- Entries taken from a collection

***

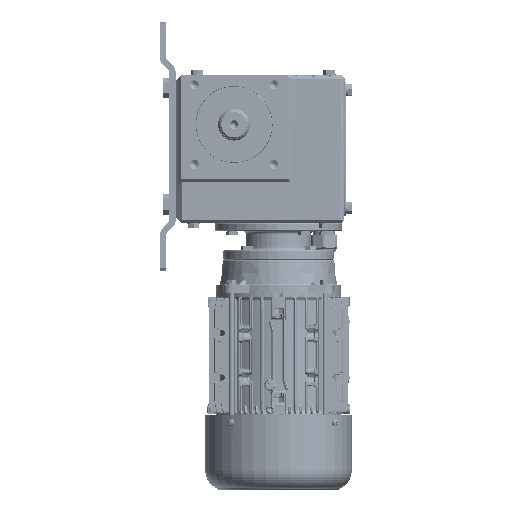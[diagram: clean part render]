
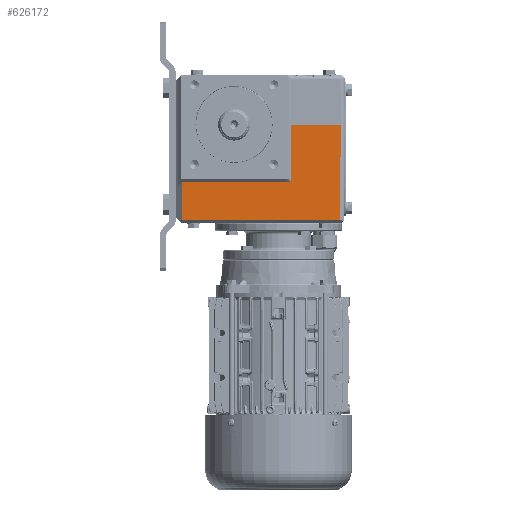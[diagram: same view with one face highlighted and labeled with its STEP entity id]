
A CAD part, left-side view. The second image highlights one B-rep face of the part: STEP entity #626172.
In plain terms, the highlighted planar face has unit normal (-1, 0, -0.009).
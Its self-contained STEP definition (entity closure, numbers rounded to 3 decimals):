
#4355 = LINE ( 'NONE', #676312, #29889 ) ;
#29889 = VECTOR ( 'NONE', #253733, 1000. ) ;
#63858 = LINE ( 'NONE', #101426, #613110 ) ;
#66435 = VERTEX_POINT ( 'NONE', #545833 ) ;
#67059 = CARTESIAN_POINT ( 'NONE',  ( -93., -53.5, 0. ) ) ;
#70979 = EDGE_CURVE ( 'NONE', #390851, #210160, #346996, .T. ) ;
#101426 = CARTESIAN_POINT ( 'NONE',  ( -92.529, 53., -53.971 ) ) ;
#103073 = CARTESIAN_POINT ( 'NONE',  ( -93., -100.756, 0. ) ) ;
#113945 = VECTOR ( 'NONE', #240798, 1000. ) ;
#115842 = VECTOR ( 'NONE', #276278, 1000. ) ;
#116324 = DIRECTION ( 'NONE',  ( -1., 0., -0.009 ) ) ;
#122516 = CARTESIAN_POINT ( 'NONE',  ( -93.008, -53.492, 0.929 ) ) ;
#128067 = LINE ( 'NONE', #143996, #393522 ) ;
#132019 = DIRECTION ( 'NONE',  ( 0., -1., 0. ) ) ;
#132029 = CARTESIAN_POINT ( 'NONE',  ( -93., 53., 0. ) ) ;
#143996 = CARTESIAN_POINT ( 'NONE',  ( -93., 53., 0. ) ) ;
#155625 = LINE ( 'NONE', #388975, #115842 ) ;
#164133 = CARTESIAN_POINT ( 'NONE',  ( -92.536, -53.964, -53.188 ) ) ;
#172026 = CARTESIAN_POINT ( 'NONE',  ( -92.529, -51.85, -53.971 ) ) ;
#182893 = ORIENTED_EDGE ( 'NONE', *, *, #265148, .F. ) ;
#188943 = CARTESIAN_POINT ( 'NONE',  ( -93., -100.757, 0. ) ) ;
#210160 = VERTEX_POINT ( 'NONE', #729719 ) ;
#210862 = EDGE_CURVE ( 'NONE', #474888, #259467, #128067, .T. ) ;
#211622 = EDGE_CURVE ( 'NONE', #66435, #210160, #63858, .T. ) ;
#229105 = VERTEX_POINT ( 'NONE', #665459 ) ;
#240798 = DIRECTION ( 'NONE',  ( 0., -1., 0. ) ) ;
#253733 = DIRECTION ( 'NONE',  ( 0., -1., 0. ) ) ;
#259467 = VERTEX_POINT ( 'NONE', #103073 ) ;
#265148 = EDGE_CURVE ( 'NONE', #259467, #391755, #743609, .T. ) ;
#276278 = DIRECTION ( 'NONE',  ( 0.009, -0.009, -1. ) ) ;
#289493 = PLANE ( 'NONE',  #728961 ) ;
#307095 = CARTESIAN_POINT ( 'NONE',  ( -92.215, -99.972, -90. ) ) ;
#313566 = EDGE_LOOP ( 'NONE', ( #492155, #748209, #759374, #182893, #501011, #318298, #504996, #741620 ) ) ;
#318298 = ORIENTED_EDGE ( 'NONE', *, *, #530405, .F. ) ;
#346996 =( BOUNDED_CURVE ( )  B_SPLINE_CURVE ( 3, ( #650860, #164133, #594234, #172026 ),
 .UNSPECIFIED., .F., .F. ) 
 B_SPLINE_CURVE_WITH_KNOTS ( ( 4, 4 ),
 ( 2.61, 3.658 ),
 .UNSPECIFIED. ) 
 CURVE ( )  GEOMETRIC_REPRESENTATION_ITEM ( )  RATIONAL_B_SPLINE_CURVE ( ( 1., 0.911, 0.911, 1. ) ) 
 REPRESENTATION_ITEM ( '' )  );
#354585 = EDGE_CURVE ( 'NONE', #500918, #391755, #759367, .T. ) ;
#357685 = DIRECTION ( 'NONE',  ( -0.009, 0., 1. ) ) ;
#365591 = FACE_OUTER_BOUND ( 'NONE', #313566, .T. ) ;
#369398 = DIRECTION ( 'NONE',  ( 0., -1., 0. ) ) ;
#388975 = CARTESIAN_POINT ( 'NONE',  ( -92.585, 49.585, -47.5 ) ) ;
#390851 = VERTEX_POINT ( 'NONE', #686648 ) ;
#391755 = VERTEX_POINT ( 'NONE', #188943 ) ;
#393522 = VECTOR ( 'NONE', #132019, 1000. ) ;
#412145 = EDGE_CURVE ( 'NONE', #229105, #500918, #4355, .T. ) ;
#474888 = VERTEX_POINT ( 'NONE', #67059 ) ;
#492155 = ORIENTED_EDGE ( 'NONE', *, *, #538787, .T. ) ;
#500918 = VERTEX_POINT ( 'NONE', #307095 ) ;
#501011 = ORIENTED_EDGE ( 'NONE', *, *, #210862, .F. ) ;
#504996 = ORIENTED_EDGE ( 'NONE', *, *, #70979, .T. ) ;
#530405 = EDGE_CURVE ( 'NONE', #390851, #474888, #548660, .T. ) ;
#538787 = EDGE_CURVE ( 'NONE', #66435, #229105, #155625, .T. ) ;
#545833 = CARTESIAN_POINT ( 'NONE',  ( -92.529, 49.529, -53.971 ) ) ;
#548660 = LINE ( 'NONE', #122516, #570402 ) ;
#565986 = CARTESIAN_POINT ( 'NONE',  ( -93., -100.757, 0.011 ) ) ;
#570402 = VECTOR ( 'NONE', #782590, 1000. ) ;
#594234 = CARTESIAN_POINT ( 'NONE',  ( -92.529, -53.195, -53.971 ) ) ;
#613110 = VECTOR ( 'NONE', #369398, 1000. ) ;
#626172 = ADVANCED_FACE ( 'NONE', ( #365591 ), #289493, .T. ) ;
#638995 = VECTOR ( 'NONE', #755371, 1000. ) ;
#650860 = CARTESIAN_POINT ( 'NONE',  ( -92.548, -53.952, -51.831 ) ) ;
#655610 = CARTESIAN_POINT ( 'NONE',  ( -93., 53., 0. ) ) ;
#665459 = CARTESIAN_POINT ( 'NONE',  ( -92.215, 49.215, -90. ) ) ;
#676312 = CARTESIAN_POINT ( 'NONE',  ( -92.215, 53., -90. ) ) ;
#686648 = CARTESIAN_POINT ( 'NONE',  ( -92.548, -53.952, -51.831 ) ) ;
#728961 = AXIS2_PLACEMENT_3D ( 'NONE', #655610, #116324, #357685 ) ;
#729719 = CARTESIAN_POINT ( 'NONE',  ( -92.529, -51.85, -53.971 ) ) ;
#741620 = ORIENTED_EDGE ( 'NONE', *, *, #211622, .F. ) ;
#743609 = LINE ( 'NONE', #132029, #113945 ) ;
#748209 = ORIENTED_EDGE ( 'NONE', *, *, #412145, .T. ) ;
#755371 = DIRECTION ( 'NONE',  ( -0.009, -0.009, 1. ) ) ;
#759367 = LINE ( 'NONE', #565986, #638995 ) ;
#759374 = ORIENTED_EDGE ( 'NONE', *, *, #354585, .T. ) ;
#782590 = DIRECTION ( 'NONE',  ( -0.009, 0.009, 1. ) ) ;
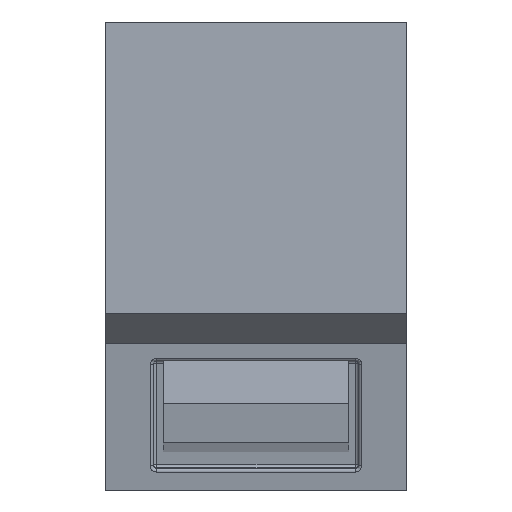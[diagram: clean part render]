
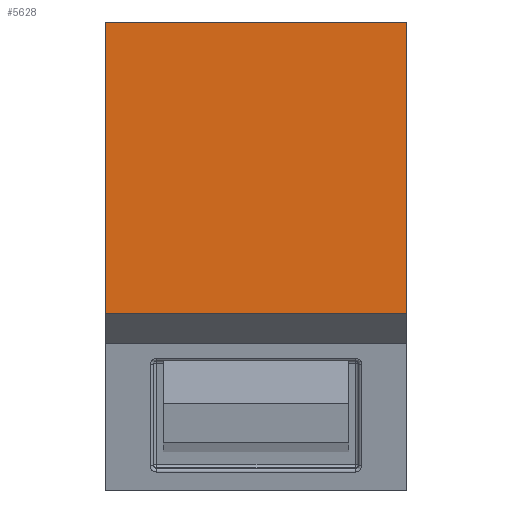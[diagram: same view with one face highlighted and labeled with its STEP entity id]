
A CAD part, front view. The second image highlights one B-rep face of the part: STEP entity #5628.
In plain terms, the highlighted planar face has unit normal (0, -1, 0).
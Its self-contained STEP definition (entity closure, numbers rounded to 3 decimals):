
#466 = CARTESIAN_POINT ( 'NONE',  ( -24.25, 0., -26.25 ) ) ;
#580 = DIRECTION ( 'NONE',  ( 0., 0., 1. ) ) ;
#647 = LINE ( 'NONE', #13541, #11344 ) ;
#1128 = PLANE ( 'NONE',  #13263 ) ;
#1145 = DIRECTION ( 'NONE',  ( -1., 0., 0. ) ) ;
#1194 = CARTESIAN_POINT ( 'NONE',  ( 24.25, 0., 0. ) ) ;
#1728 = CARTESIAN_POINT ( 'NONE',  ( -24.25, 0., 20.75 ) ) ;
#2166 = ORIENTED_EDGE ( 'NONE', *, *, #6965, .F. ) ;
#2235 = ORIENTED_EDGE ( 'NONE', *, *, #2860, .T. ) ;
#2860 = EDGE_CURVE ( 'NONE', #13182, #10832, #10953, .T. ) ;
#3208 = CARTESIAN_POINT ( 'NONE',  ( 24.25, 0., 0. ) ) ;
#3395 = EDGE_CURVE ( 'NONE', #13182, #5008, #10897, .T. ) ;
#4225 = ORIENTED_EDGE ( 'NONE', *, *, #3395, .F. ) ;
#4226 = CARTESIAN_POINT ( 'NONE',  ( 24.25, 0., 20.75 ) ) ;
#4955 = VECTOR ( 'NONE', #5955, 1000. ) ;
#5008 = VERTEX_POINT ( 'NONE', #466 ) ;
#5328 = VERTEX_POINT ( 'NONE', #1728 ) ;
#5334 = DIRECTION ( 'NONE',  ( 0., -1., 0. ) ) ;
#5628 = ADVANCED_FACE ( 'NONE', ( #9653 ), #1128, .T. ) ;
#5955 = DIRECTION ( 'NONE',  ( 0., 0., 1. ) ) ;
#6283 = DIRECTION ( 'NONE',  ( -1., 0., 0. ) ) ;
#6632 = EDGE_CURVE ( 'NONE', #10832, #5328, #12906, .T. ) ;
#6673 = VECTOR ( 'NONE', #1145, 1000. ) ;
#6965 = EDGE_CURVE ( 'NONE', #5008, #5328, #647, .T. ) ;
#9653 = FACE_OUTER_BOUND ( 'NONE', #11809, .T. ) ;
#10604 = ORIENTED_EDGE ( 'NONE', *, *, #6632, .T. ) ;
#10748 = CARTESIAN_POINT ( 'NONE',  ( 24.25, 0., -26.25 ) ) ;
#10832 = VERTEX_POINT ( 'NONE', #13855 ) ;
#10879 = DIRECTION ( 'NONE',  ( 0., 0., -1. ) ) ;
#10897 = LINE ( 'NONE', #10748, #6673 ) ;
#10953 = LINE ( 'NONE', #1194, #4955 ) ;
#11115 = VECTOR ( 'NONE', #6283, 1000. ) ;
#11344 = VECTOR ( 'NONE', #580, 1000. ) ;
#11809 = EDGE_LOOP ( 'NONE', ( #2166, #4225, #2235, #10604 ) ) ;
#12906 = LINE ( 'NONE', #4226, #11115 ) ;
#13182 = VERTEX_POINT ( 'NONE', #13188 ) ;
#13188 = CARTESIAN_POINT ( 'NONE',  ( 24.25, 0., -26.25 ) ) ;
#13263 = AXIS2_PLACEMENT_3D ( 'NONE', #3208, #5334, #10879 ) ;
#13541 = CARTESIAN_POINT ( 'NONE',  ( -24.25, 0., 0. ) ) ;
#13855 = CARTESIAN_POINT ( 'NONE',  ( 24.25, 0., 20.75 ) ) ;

***

- PROMPT
Could you repeat exactly the lines above from the line with "#318298 = ORIENTED_EDGE" up to and including the line with "#492155 = ORIENTED_EDGE", and only those?

- TASK OUTPUT
#318298 = ORIENTED_EDGE ( 'NONE', *, *, #530405, .F. ) ;
#346996 =( BOUNDED_CURVE ( )  B_SPLINE_CURVE ( 3, ( #650860, #164133, #594234, #172026 ),
 .UNSPECIFIED., .F., .F. ) 
 B_SPLINE_CURVE_WITH_KNOTS ( ( 4, 4 ),
 ( 2.61, 3.658 ),
 .UNSPECIFIED. ) 
 CURVE ( )  GEOMETRIC_REPRESENTATION_ITEM ( )  RATIONAL_B_SPLINE_CURVE ( ( 1., 0.911, 0.911, 1. ) ) 
 REPRESENTATION_ITEM ( '' )  );
#354585 = EDGE_CURVE ( 'NONE', #500918, #391755, #759367, .T. ) ;
#357685 = DIRECTION ( 'NONE',  ( -0.009, 0., 1. ) ) ;
#365591 = FACE_OUTER_BOUND ( 'NONE', #313566, .T. ) ;
#369398 = DIRECTION ( 'NONE',  ( 0., -1., 0. ) ) ;
#388975 = CARTESIAN_POINT ( 'NONE',  ( -92.585, 49.585, -47.5 ) ) ;
#390851 = VERTEX_POINT ( 'NONE', #686648 ) ;
#391755 = VERTEX_POINT ( 'NONE', #188943 ) ;
#393522 = VECTOR ( 'NONE', #132019, 1000. ) ;
#412145 = EDGE_CURVE ( 'NONE', #229105, #500918, #4355, .T. ) ;
#474888 = VERTEX_POINT ( 'NONE', #67059 ) ;
#492155 = ORIENTED_EDGE ( 'NONE', *, *, #538787, .T. ) ;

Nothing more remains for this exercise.